The Sora team first praised and then suppressed that Sora is good at realistic videos and can generate 1-minute long videos, which is very powerful. But there are still some problems, such as hand details (the nightmare of all AI) camera trajectories, changes in physical phenomena, etc.
In addition, the Sora team also introduced some other cool features, such as generating videos through video synthesis in addition to prompts. This enables seamless transitions between videos composed of completely different themes and scenes.
On OpenAI's Tiktok, there is a video of a drone turning into a butterfly flying in the coral reef transformed by the Colosseum.
It is completely different from the original video generation model in terms of technology and experience. Aditya Ramesh even said that what they do is to imitate nature first and then surpass it!
So far, OpenAI’s AI-generated videos on Tiktok have all used dubbing, rather than AI seamlessly generating sounds. The Sora team said that AI sound is not something they are considering for the time being. The top priority is still to generate video to achieve longer time, better image quality and frequency.
But I don’t know if the addition of sound to Sora will be around the corner with the release of Pika Sound Effects function.
When asked by the host, Sora's next development direction. Sora member Tim Brooks said that Sora still has two aspects of work to complete before it is actually released:
The first is to obtain feedback from more users and understand how Sora works. Bring value to people. For example, some users hope to have more detailed and direct control over the generated videos, not just prompts.
On the other hand, Sora's security work needs to be strengthened, and OpenAI will fully consider the various possible impacts. Currently, a traceability classifier applied to videos is being trained to identify whether a video is generated by AI, and a watermark is added to each Sora-generated video.
In addition, the Sora team said that AI-generated videos also bring many opportunities. It can significantly reduce the cost from creativity to finished film. It is entirely possible for one person to make a movie.
What excites them even more is that with the emergence of new AI tools, someone will create brand new things and continue to push the boundaries of creativity, which will be impossible become possible.

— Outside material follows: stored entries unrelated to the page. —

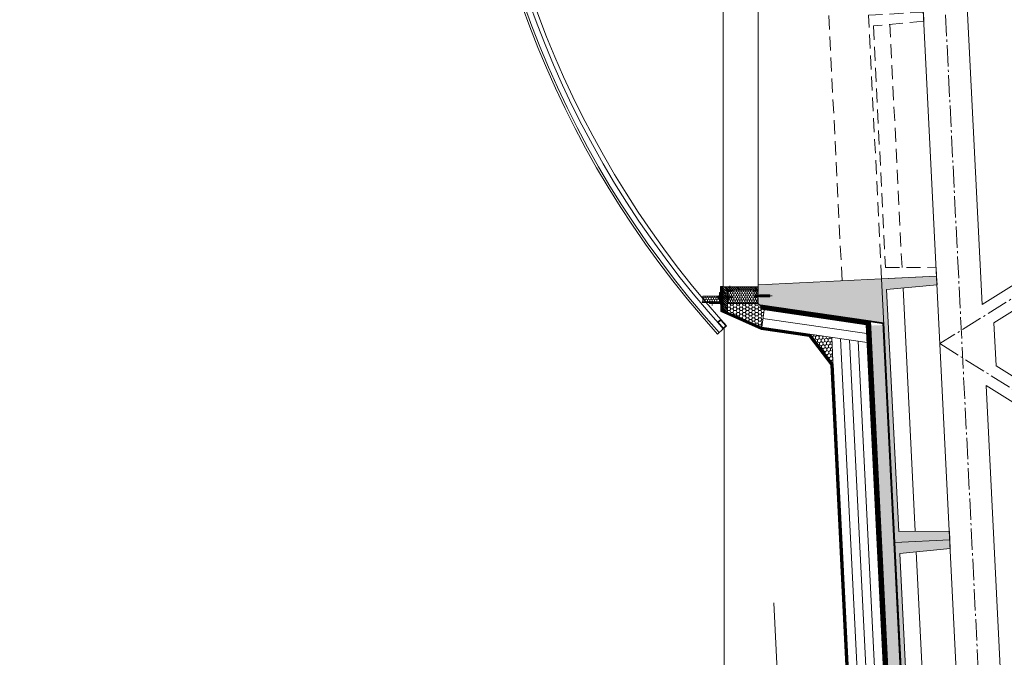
# Model space of a CAD drawing. Header units: millimetres. Extents: x -725694 to 4766210, y -2984614 to 2187451.
# Tile 87 of 256: x 201364 to 205838, y 67875 to 70772. Entities that reach past the tile are written whole.
import ezdxf
from ezdxf import colors
from ezdxf.entities.mleader import LeaderData, LeaderLine
from ezdxf.math import Vec2, Vec3

# ---------------------------------------------------------------- set-up
doc = ezdxf.new("R2010")
doc.units = ezdxf.units.MM
for name, pattern in [('AM_DIN_G_W050', [13.75, 9.75, -1.5, 1, -1.5]), ('CARKOVANA', [5, 3, -2]), ('DASHDOT', [25.4, 12.7, -6.35, 0, -6.35]), ('HIDDEN', [9.525, 6.35, -3.175])]:
    doc.linetypes.add(name, pattern=pattern)
doc.layers.add('_____detaily', color=7, linetype='Continuous')
for name, color, linetype, lineweight in [('A99_N_kce-pohl', 7, 'Continuous', 9), ('A99_N_kce-rez-sil', 7, 'Continuous', 18), ('A99_N_kce-rez-ten', 7, 'Continuous', 20), ('A99_N_kce-rez-ten @ 200', 7, 'Continuous', 20), ('A99_N_koty-200-vysk', 7, 'Continuous', 9), ('A99_N_sraf', 7, 'Continuous', 0), ('A99_N_txt-popis-50 @ 200', 7, 'Continuous', 9), ('A99_S_kce-pohl', 7, 'Continuous', 5), ('A99_S_kce-rez-sil', 7, 'Continuous', 15), ('A99_S_kce-rez-ten', 7, 'Continuous', 9), ('A99_S_sraf', 7, 'Continuous', 9)]:
    doc.layers.add(name, color=color, linetype=linetype, lineweight=lineweight)
doc.styles.add('A99_popis', font='isocpeur.ttf')
doc.linetypes.add('IZOLACE', pattern='A,0.00254,-2.54,[134,ltypeshp.shx,S=2.54,R=0,X=-2.54,Y=0],-5.08,[134,ltypeshp.shx,S=2.54,R=180,X=2.54,Y=0],-2.54', length=10.16254)

# ---------------------------------------------------------------- blocks, each defined once
blk = doc.blocks.new('Befestiger_gross')
at = {"layer": '_____detaily', "linetype": 'Continuous', "lineweight": -2}
for p, q in [((0.5, 0.5), (0, 0)), ((0.5, 0.5), (0, 0)), ((0.5, -0.5), (0, 0)), ((0.5, -0.5), (0, 0)), ((2.1, 0.5), (0.5, 0.5)), ((2.1, 0.5), (0.5, 0.5)), ((0.6, 0.5), (0.6, 0.5)), ((0.6, 0.5), (0.6, 0.5)), ((0.6, 0.5), (0.6, 0.5)), ((0.6, 0.5), (0.6, 0.5)), ((1.7, -1), (2.3, 1)), ((2.3, 1), (2.1, 0.5)), ((2.3, 1), (2.5, 0.5)), ((2.3, 1), (2.5, 0.5)), ((3.3, 0.5), (2.5, 0.5)), ((3.3, 0.5), (2.5, 0.5)), ((2.9, -1), (3.5, 1)), ((3.5, 1), (3.3, 0.5)), ((3.5, 1), (3.7, 0.5)), ((3.5, 1), (3.7, 0.5)), ((4.5, 0.5), (3.7, 0.5)), ((4.5, 0.5), (3.7, 0.5)), ((4, -1), (4.7, 1)), ((4.5, 0.5), (4.7, 1)), ((4.7, 1), (4.8, 0.5)), ((4.7, 1), (4.8, 0.5)), ((5.7, 0.5), (4.8, 0.5)), ((5.7, 0.5), (4.8, 0.5)), ((5.2, -1), (5.9, 1)), ((5.7, 0.5), (5.9, 1)), ((5.9, 1), (6, 0.5)), ((5.9, 1), (6, 0.5)), ((6.9, 0.5), (6, 0.5)), ((6, 0.5), (6, 0.5)), ((6.9, 0.5), (6, 0.5)), ((6, 0.5), (6, 0.5)), ((6.4, -1), (7, 1)), ((6.9, 0.5), (7, 1)), ((7, 1), (7.2, 0.5)), ((7, 1), (7.2, 0.5)), ((8.1, 0.5), (7.2, 0.5)), ((8.1, 0.5), (7.2, 0.5)), ((7.6, -1), (8.2, 1)), ((8.1, 0.5), (8.2, 1)), ((8.2, 1), (8.4, 0.5)), ((8.2, 1), (8.4, 0.5)), ((9.3, 0.5), (8.4, 0.5)), ((9.3, 0.5), (8.4, 0.5)), ((8.8, -1), (9.4, 1)), ((9.3, 0.5), (9.4, 1)), ((9.4, 1), (9.6, 0.5)), ((9.4, 1), (9.6, 0.5)), ((10.5, 0.5), (9.6, 0.5)), ((10.5, 0.5), (9.6, 0.5)), ((10, -1), (10.6, 1)), ((10.6, 1), (10.5, 0.5)), ((10.6, 1), (10.8, 0.5)), ((10.6, 1), (10.8, 0.5)), ((11.6, 0.5), (10.8, 0.5)), ((11.6, 0.5), (10.8, 0.5)), ((11.2, -1), (11.8, 1)), ((11.8, 1), (11.6, 0.5)), ((11.8, 1), (12, 0.5)), ((11.8, 1), (12, 0.5)), ((12.8, 0.5), (12, 0.5)), ((12.8, 0.5), (12, 0.5)), ((12.4, -1), (13, 1)), ((13, 1), (12.8, 0.5)), ((13, 1), (13.1, 0.5)), ((13, 1), (13.1, 0.5)), ((14, 0.5), (13.1, 0.5)), ((14, 0.5), (13.1, 0.5)), ((13.5, -1), (14.2, 1)), ((14.2, 1), (14, 0.5)), ((14.2, 1), (14.3, 0.5)), ((14.2, 1), (14.3, 0.5)), ((15.2, 0.5), (14.3, 0.5)), ((14.3, 0.5), (14.3, 0.5)), ((15.2, 0.5), (14.3, 0.5)), ((14.3, 0.5), (14.3, 0.5)), ((14.7, -1), (15.4, 1)), ((15.4, 1), (15.2, 0.5)), ((15.4, 1), (15.5, 0.5)), ((15.4, 1), (15.5, 0.5)), ((16.4, 0.5), (15.5, 0.5)), ((16.4, 0.5), (15.5, 0.5)), ((15.9, -1), (16.5, 1)), ((16.5, 1), (16.4, 0.5)), ((16.5, 1), (16.7, 0.5)), ((16.5, 1), (16.7, 0.5)), ((17.6, 0.5), (16.7, 0.5)), ((17.6, 0.5), (16.7, 0.5)), ((17.1, -1), (17.7, 1)), ((17.7, 1), (17.6, 0.5)), ((17.7, 1), (17.9, 0.5)), ((17.7, 1), (17.9, 0.5)), ((18.8, 0.5), (17.9, 0.5)), ((18.8, 0.5), (17.9, 0.5)), ((18.3, -1), (18.9, 1)), ((18.9, 1), (18.8, 0.5)), ((18.9, 1), (19.1, 0.5)), ((18.9, 1), (19.1, 0.5)), ((19.9, 0.5), (19.1, 0.5)), ((19.9, 0.5), (19.1, 0.5)), ((19.5, -1), (20.1, 1.1)), ((20.1, 1.1), (19.9, 0.5)), ((20.1, 1.1), (20.3, 0.5)), ((20.1, 1.1), (20.3, 0.5)), ((21.1, 0.5), (20.3, 0.5)), ((20.3, 0.5), (20.3, 0.5)), ((21.1, 0.5), (20.3, 0.5)), ((20.3, 0.5), (20.3, 0.5)), ((20.7, -1), (21.3, 1.1)), ((21.3, 1.1), (21.1, 0.5)), ((21.3, 1.1), (21.5, 0.5)), ((21.3, 1.1), (21.5, 0.5)), ((22.3, 0.5), (21.5, 0.5)), ((22.3, 0.5), (21.5, 0.5)), ((21.8, -1), (22.5, 1.1)), ((22.5, 1.1), (22.3, 0.5)), ((22.5, 1.1), (22.6, 0.5)), ((22.5, 1.1), (22.6, 0.5)), ((23.5, 0.5), (22.6, 0.5)), ((23.5, 0.5), (22.6, 0.5)), ((23, -1), (23.7, 1.1)), ((23.7, 1.1), (23.5, 0.5)), ((23.7, 1.1), (23.8, 0.5)), ((23.7, 1.1), (23.8, 0.5)), ((24.7, 0.5), (23.8, 0.5)), ((24.7, 0.5), (23.8, 0.5)), ((24.2, -1), (24.9, 1.1)), ((24.9, 1.1), (24.7, 0.5)), ((24.9, 1.1), (25, 0.5)), ((24.9, 1.1), (25, 0.5)), ((25.9, 0.5), (25, 0.5)), ((25.9, 0.5), (25, 0.5)), ((25.4, -1), (26, 1.1)), ((26, 1.1), (25.9, 0.5)), ((26, 1.1), (26.2, 0.5)), ((26, 1.1), (26.2, 0.5)), ((27, 0.5), (26.2, 0.5)), ((27, 0.5), (26.2, 0.5)), ((26.5, -1), (27.2, 1)), ((27.2, 1), (27, 0.5)), ((27.2, 1), (27.3, 0.5)), ((27.2, 1), (27.3, 0.5)), ((28.2, 0.5), (27.3, 0.5)), ((28.2, 0.5), (27.3, 0.5)), ((27.7, -1), (28.4, 1)), ((28.4, 1), (28.2, 0.5)), ((28.4, 1), (28.5, 0.5)), ((28.4, 1), (28.5, 0.5)), ((29.4, 0.5), (28.5, 0.5)), ((28.5, 0.5), (28.5, 0.5)), ((29.4, 0.5), (28.5, 0.5)), ((28.5, 0.5), (28.5, 0.5)), ((28.9, -1), (29.6, 1)), ((29.6, 1), (29.4, 0.5)), ((29.6, 1), (29.7, 0.5)), ((29.6, 1), (29.7, 0.5)), ((30.6, 0.5), (29.7, 0.5)), ((30.6, 0.5), (29.7, 0.5)), ((30.1, -1), (30.7, 1)), ((30.7, 1), (30.6, 0.5)), ((30.7, 1), (30.9, 0.5)), ((30.7, 1), (30.9, 0.5)), ((31.8, 0.5), (30.9, 0.5)), ((31.8, 0.5), (30.9, 0.5)), ((31.3, -1), (31.9, 1)), ((31.9, 1), (31.8, 0.5)), ((31.9, 1), (32.1, 0.5)), ((31.9, 1), (32.1, 0.5)), ((33, 0.5), (32.1, 0.5)), ((33, 0.5), (32.1, 0.5)), ((32.5, -1), (33.1, 1)), ((33.1, 1), (33, 0.5)), ((33.1, 1), (33.3, 0.5)), ((33.1, 1), (33.3, 0.5)), ((34.1, 0.5), (33.3, 0.5)), ((34.1, 0.5), (33.3, 0.5)), ((33.7, -1), (34.3, 1)), ((34.3, 1), (34.1, 0.5)), ((34.3, 1), (34.5, 0.5)), ((34.3, 1), (34.5, 0.5)), ((36.5, 0.5), (34.5, 0.5)), ((36.5, 0.5), (34.5, 0.5)), ((36.5, 0.5), (37.3, 1.4)), ((36.5, 0.5), (37.3, 1.4)), ((37.3, -1.4), (37.3, 1.4)), ((37.3, -1.4), (37.3, 1.4)), ((1.5, -0.5), (0.5, -0.5)), ((1.5, -0.5), (0.5, -0.5)), ((1.5, -0.5), (1.7, -1)), ((1.5, -0.5), (1.7, -1)), ((1.7, -1), (1.8, -0.5)), ((2.7, -0.5), (1.8, -0.5)), ((2.7, -0.5), (1.8, -0.5)), ((2.7, -0.5), (2.9, -1)), ((2.7, -0.5), (2.9, -1)), ((2.9, -1), (3, -0.5)), ((3.9, -0.5), (3, -0.5)), ((3.9, -0.5), (3, -0.5)), ((3.9, -0.5), (4, -1)), ((3.9, -0.5), (4, -1)), ((4.2, -0.5), (4, -1)), ((5.1, -0.5), (4.2, -0.5)), ((5.1, -0.5), (4.2, -0.5)), ((5.1, -0.5), (5.2, -1)), ((5.1, -0.5), (5.2, -1)), ((5.4, -0.5), (5.2, -1)), ((6.3, -0.5), (5.4, -0.5)), ((6.3, -0.5), (5.4, -0.5)), ((6.3, -0.5), (6.4, -1)), ((6.3, -0.5), (6.4, -1)), ((6.6, -0.5), (6.4, -1)), ((7.4, -0.5), (6.6, -0.5)), ((7.4, -0.5), (6.6, -0.5)), ((7.4, -0.5), (7.6, -1)), ((7.4, -0.5), (7.6, -1)), ((7.8, -0.5), (7.6, -1)), ((8.6, -0.5), (7.8, -0.5)), ((8.6, -0.5), (7.8, -0.5)), ((8.6, -0.5), (8.8, -1)), ((8.6, -0.5), (8.8, -1)), ((8.9, -0.5), (8.8, -1)), ((9.8, -0.5), (8.9, -0.5)), ((9.8, -0.5), (8.9, -0.5)), ((9.8, -0.5), (10, -1)), ((9.8, -0.5), (10, -1)), ((10.1, -0.5), (10, -1)), ((11, -0.5), (10.1, -0.5)), ((11, -0.5), (10.1, -0.5)), ((11, -0.5), (11.2, -1)), ((11, -0.5), (11.2, -1)), ((11.3, -0.5), (11.2, -1)), ((12.2, -0.5), (11.3, -0.5)), ((12.2, -0.5), (11.3, -0.5)), ((12.2, -0.5), (12.3, -1)), ((12.2, -0.5), (12.3, -1)), ((12.5, -0.5), (12.3, -1)), ((13.4, -0.5), (12.5, -0.5)), ((13.4, -0.5), (12.5, -0.5)), ((13.4, -0.5), (13.5, -1)), ((13.4, -0.5), (13.5, -1)), ((13.7, -0.5), (13.5, -1)), ((14.6, -0.5), (13.7, -0.5)), ((14.6, -0.5), (13.7, -0.5)), ((14.6, -0.5), (14.7, -1)), ((14.6, -0.5), (14.7, -1)), ((14.9, -0.5), (14.7, -1)), ((15.7, -0.5), (14.9, -0.5)), ((15.7, -0.5), (14.9, -0.5)), ((15.7, -0.5), (15.9, -1)), ((15.7, -0.5), (15.9, -1)), ((16.1, -0.5), (15.9, -1)), ((16.9, -0.5), (16.1, -0.5)), ((16.9, -0.5), (16.1, -0.5)), ((16.9, -0.5), (17.1, -1)), ((16.9, -0.5), (17.1, -1)), ((17.2, -0.5), (17.1, -1)), ((18.1, -0.5), (17.2, -0.5)), ((18.1, -0.5), (17.2, -0.5)), ((18.1, -0.5), (18.3, -1)), ((18.1, -0.5), (18.3, -1)), ((18.4, -0.5), (18.3, -1)), ((19.3, -0.5), (18.4, -0.5)), ((19.3, -0.5), (18.4, -0.5)), ((19.3, -0.5), (19.5, -1)), ((19.3, -0.5), (19.5, -1)), ((19.6, -0.5), (19.5, -1)), ((20.5, -0.5), (19.6, -0.5)), ((20.5, -0.5), (19.6, -0.5)), ((20.5, -0.5), (20.7, -1)), ((20.5, -0.5), (20.7, -1)), ((20.8, -0.5), (20.7, -1)), ((21.7, -0.5), (20.8, -0.5)), ((21.7, -0.5), (20.8, -0.5)), ((21.7, -0.5), (21.8, -1)), ((21.7, -0.5), (21.8, -1)), ((22, -0.5), (21.8, -1)), ((22.9, -0.5), (22, -0.5)), ((22.9, -0.5), (22, -0.5)), ((22.9, -0.5), (23, -1)), ((22.9, -0.5), (23, -1)), ((23.2, -0.5), (23, -1)), ((24.1, -0.5), (23.2, -0.5)), ((24.1, -0.5), (23.2, -0.5)), ((24.1, -0.5), (24.2, -1)), ((24.1, -0.5), (24.2, -1)), ((24.4, -0.5), (24.2, -1)), ((25.3, -0.5), (24.4, -0.5)), ((25.3, -0.5), (24.4, -0.5)), ((25.3, -0.5), (25.4, -1)), ((25.3, -0.5), (25.4, -1)), ((25.6, -0.5), (25.4, -1)), ((26.4, -0.5), (25.6, -0.5)), ((26.4, -0.5), (25.6, -0.5)), ((26.4, -0.5), (26.5, -1)), ((26.4, -0.5), (26.5, -1)), ((26.7, -0.5), (26.5, -1)), ((27.6, -0.5), (26.7, -0.5)), ((27.6, -0.5), (26.7, -0.5)), ((27.6, -0.5), (27.7, -1)), ((27.6, -0.5), (27.7, -1)), ((27.9, -0.5), (27.7, -1)), ((28.8, -0.5), (27.9, -0.5)), ((28.8, -0.5), (27.9, -0.5)), ((28.8, -0.5), (28.9, -1)), ((28.8, -0.5), (28.9, -1)), ((29.1, -0.5), (28.9, -1)), ((30, -0.5), (29.1, -0.5)), ((30, -0.5), (29.1, -0.5)), ((30, -0.5), (30.1, -1)), ((30, -0.5), (30.1, -1)), ((30.3, -0.5), (30.1, -1)), ((31.1, -0.5), (30.3, -0.5)), ((31.1, -0.5), (30.3, -0.5)), ((31.1, -0.5), (31.3, -1)), ((31.1, -0.5), (31.3, -1)), ((31.5, -0.5), (31.3, -1)), ((32.3, -0.5), (31.5, -0.5)), ((32.3, -0.5), (31.5, -0.5)), ((32.3, -0.5), (32.5, -1)), ((32.3, -0.5), (32.5, -1)), ((32.6, -0.5), (32.5, -1)), ((33.5, -0.5), (32.6, -0.5)), ((33.5, -0.5), (32.6, -0.5)), ((33.5, -0.5), (33.7, -1)), ((33.5, -0.5), (33.7, -1)), ((33.8, -0.5), (33.7, -1)), ((36.5, -0.5), (33.8, -0.5)), ((36.5, -0.5), (33.8, -0.5)), ((36.5, -0.5), (37.3, -1.4)), ((36.5, -0.5), (37.3, -1.4))]:
    blk.add_line(p, q, dxfattribs=at)

msp = doc.modelspace()

# ---------------------------------------------------------------- hatches: boundary and pattern name
at = {"layer": 'A99_N_kce-rez-ten', "lineweight": 0, "transparency": 33554562}
h = msp.add_hatch(dxfattribs=at)
h.set_pattern_fill('ANSI31', color=1, scale=50)
h.set_pattern_definition([(135, (209140, 35115.3334), (-4.4194174, -4.4194174), [])])
h.paths.add_polyline_path([(204560, 69542.5), (204720, 69542.5), (204720, 69557.5), (204560, 69557.5)])
at = {"layer": 'A99_N_kce-rez-ten', "lineweight": 0}
for points in [[(204540.7, 69517.5), (204540.7, 69502.5), (204541.7, 69502.5), (204541.7, 69517.5)], [(204583, 69517.5), (204583, 69502.5), (204582, 69502.5), (204582, 69517.5)], [(204709, 69525), (204709, 69510), (204710, 69510), (204710, 69525)]]:
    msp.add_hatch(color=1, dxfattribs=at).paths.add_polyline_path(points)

But stop, this is just a beautiful fantasy of scientists. After all, it will take a long time for ordinary people to actually use Sora.
Moreover, Sora members revealed. AI will not only play a role in video creation by learning from video data. Models like GPT, while smart, are missing some information if they can't "see" the world like we do. Models like Sora are solving this problem.
Is this confirmation that AGI is coming?
Finally, the host asked an interesting question, how long does it take for Sora to generate a video?
"Depends on the situation, but you can leave, go get a coffee, come back and it's still being processed, which is a long time anyway."
The above is the interview content of the Sora team. A brief summary is:Sora is very powerful and can see the world. Because of this, we cannot make ordinary people very Use it soon, there is still a lot of safety work to do.
Umm, you can bite the lighter if you don't have a job, there is no need to force it.